I agree that ants are very actively identified. Birds are about the same level but probably higher.

2 Likes

As a birder, I really appreciate being described this way :)

26 Likes

as russellclarke’s fantastic screenshot will illustrate, I think what species are most observed, has to do a lot to do with location:

All of those species are commonly attested in North America, where iNat has the largest concentration of active observers.

8 Likes

Birds for sure are the fastest to be identified (within minutes in many cases).

I feel most tiny inverts are largely left in the “needs ID” pile for ages, but that’s because they are tough to ID. Among large and charismatic groups, marine mollusks are VERY poorly represented outside common beach shells. I was looking at entire gastropod families like Volutidae or Buccinidae in the tropical W. Atlantic, and although there are hundreds of species listed for this region, there are probably only a handful of species on iNat, and most are misidentified shell fragments.

I know this is a sampling artifact but I wish there was more collected material, museum material, or ROV/SCUBA images submitted to iNat. Watching deepsea ROV dives like Nautilus or Okeanos which are posted on Youtube would be fun to have organism records harvested as screenshots and put on iNat. I’m sure there are copyright issues for that though.

Geography may play a part? We are in USA, Upper Midwest. Here are some random numbers based on what others have talked about. We recognize these are not all apples to apples comparisons:

Out of our 872 observations of birds, about 93% have IDs from 291 different identifiers. When we post bird observations, it’s pretty common to have an ID within 1-3 minutes for a common species with a decent photo.
Filtering to Passeriformes, 33 out of 403 observations still need ID (92% identified) with 166 identifiers contributing.
Out of our 564 Aculeata observations, there are 80 identifiers. We have about 47% with IDs but our skill in recording evidence plays a part in what can’t be identified.
Just Bees, we have 423 total observations with 47 Identifiers. About 45% need ID. Again, our skill in recording what needs to be seen by identifeirs to make an ID seems relevant.

5 Likes

I think there is a huge difference between taxon that are most actively identified and those that have the most interest. It is relatively easy to photograph and identify a mallard but I would debate how much interest there is. I think interest would be more accurately represented by how many favs, IDs, and follows an observation gets. Rarer charismatic creatures attract a lot of interest.

7 Likes

Very true. I think that by interest not actively identified, rare ocean and air animals have interest. For some reason, some rare bugs still don’t have much interest.
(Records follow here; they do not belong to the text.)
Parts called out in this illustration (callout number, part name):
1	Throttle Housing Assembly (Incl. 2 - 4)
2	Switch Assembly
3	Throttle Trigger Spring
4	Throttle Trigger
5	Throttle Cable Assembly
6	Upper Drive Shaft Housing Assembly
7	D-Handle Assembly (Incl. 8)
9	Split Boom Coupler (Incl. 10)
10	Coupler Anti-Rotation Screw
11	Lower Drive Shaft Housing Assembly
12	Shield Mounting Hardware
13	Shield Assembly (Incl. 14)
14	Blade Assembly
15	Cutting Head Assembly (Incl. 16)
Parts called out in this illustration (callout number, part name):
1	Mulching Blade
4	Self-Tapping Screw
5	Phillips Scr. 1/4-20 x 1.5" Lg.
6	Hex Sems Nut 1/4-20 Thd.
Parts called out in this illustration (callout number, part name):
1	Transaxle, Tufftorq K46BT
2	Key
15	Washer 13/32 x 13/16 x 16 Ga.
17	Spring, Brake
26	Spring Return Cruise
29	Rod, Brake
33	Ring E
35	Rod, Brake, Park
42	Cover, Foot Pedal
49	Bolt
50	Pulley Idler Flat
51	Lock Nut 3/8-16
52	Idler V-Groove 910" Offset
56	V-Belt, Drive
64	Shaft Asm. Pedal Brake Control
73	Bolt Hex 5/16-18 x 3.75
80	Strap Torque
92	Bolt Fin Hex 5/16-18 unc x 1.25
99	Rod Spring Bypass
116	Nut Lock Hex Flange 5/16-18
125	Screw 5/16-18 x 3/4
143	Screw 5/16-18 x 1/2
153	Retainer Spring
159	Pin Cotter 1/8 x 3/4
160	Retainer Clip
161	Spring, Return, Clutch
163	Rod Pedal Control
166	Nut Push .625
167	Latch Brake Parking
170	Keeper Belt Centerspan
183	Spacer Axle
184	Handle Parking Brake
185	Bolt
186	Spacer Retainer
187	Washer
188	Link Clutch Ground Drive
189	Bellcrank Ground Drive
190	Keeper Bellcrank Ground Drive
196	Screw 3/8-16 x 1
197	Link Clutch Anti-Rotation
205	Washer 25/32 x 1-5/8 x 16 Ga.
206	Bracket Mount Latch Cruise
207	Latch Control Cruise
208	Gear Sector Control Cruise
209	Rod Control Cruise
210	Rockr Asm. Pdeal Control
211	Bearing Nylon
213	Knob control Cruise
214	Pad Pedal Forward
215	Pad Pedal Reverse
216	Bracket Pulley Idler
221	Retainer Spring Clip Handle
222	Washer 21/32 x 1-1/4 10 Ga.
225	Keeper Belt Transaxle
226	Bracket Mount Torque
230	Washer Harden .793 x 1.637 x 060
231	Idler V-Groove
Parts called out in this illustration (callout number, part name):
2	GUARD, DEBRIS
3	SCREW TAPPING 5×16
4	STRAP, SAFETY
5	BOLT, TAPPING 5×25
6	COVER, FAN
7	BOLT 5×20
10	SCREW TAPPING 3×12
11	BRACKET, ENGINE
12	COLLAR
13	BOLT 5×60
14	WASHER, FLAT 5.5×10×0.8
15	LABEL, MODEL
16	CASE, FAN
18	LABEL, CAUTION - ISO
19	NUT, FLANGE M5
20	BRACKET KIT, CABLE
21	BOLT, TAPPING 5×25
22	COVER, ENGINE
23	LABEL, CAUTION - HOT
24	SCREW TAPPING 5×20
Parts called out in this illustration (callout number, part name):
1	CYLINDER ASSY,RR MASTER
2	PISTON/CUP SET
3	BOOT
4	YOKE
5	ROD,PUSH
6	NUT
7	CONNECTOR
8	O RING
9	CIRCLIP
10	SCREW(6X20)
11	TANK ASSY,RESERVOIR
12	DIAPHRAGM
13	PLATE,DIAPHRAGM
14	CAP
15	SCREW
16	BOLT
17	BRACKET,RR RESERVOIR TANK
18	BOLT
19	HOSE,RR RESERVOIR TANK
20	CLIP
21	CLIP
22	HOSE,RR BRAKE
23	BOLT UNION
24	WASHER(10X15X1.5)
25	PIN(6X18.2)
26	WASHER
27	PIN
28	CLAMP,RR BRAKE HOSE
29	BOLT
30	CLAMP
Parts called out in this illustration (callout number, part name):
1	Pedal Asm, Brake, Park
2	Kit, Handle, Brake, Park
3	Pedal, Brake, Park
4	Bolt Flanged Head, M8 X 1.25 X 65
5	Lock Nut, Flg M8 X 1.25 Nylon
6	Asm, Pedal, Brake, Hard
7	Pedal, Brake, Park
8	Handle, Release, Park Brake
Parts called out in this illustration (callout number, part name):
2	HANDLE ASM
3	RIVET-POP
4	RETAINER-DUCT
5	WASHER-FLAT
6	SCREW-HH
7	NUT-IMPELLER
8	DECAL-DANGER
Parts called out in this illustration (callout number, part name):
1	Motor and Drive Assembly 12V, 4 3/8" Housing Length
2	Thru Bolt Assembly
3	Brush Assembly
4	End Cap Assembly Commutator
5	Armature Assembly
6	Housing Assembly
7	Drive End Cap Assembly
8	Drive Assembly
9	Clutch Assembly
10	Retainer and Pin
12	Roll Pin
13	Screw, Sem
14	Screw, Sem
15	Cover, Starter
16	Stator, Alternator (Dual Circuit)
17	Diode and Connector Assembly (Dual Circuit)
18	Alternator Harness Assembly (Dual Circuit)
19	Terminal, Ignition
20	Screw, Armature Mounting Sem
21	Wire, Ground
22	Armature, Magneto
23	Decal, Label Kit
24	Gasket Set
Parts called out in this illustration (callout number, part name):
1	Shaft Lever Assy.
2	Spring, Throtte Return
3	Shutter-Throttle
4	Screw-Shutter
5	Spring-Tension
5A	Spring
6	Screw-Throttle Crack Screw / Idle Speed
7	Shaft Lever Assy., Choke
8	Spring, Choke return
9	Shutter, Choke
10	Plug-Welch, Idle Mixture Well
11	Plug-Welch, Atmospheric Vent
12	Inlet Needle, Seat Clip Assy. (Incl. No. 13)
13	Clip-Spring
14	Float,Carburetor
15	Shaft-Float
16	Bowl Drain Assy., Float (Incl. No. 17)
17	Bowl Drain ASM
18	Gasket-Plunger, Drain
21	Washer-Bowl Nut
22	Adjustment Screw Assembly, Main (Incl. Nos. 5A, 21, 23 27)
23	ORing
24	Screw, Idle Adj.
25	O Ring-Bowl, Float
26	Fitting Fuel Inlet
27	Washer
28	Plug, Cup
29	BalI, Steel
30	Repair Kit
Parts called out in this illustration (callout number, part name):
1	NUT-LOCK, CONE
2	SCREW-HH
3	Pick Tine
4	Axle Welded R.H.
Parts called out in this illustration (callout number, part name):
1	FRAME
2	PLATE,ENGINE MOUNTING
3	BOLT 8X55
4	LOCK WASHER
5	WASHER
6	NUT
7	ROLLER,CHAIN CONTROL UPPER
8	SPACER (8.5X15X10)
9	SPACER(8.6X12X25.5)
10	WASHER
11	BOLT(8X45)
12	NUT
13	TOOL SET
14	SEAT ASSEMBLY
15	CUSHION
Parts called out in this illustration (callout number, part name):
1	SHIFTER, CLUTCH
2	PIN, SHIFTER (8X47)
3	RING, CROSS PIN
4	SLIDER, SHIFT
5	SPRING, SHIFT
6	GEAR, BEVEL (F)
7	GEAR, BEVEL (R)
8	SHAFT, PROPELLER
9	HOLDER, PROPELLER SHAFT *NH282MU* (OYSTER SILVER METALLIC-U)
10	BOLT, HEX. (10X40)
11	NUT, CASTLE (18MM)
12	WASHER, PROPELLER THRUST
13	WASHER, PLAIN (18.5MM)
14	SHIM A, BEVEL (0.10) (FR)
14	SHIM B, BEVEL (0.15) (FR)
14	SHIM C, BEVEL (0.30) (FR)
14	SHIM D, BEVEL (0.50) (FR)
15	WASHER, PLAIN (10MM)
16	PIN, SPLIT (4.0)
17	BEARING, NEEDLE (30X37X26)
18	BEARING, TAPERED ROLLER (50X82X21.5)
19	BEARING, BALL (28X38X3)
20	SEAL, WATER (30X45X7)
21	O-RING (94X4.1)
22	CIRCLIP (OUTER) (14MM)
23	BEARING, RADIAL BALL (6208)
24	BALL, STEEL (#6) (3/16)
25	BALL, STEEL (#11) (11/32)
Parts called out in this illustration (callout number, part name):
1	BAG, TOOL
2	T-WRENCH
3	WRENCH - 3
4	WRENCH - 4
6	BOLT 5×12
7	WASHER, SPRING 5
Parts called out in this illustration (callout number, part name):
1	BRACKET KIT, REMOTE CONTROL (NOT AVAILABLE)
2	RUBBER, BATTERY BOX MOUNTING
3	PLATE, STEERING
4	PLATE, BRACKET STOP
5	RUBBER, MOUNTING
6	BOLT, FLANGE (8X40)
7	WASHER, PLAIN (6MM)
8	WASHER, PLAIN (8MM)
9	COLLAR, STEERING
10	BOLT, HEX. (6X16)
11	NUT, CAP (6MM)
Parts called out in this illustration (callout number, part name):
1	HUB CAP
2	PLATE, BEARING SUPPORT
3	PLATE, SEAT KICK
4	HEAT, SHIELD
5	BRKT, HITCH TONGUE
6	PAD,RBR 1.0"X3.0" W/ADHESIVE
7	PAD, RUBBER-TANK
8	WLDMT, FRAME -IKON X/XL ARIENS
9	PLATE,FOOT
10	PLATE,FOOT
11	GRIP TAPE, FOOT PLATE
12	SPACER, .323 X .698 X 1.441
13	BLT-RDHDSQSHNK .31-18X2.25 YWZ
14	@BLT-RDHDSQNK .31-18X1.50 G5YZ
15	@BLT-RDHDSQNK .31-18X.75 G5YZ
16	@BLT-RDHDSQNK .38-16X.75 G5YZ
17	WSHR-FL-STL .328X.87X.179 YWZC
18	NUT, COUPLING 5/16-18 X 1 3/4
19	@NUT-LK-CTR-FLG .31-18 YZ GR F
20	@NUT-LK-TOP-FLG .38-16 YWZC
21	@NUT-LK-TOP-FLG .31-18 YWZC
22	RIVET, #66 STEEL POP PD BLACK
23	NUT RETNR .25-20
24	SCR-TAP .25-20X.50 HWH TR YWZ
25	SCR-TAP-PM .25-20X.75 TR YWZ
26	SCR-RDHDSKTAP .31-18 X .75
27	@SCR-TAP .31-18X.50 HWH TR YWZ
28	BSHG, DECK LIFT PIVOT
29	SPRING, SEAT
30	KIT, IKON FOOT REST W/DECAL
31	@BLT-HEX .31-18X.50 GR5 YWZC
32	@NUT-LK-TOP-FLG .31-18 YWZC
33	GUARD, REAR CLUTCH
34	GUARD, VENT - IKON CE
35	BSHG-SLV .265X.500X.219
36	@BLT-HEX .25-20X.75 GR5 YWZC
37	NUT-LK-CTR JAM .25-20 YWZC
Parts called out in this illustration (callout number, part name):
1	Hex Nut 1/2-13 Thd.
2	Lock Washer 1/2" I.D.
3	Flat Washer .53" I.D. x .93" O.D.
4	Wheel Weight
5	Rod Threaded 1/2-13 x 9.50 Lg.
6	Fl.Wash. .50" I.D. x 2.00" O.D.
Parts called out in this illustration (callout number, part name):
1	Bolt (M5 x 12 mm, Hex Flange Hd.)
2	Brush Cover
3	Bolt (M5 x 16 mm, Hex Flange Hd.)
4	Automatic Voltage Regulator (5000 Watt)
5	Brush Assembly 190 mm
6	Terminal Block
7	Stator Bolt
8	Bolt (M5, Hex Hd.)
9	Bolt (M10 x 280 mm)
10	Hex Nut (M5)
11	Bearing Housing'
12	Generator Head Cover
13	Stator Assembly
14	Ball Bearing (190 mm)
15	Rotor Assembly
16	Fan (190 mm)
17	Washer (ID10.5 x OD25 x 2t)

I can wait months if not years to get an id on inverts, but I don’t think I’ve ever waited longer than 24 hrs to get an id on a bird, and usually its within minutes of posting

1 Like

That is true. Bird id ers are very dedicated.

its not just that as much as it is bias. People love birds! A huge fraction of naturalists are primarily birders, theres so much out there to help people id birds. Bugs? Nowhere near as much. Theres so many invert clades out there that maybe have 1 to 5 people actively studying them globally

3 Likes

As my interest in insects grows I’m realizing that there is little popular interest in them outside of bees and butterflies. Having said that the fact that interest in bees has been increasing rapidly there is hope for other insects as well.

If your taxa is lucky enough to have a dedicated and subscribed IDer that is great. I know Bob Borth and I have Catocala moths covered quite well, but I wonder what is the most observed taxa that has 98-100% ID confirmation (as is almost all RG)? You would need a very obvious and large enough organism for sure, but also one that doesn’t have people submitting blurry or distant images and isn’t popular with the AI suggestions!

1 Like

Phymata (and assassin bugs in general) get favorited a lot but (mine at least) rarely are brought to species.

That said, I think there is a lot to be said for initially picking what is of interest to you, because then you can develop your best practice and workflow. (This is for that correction project, right?)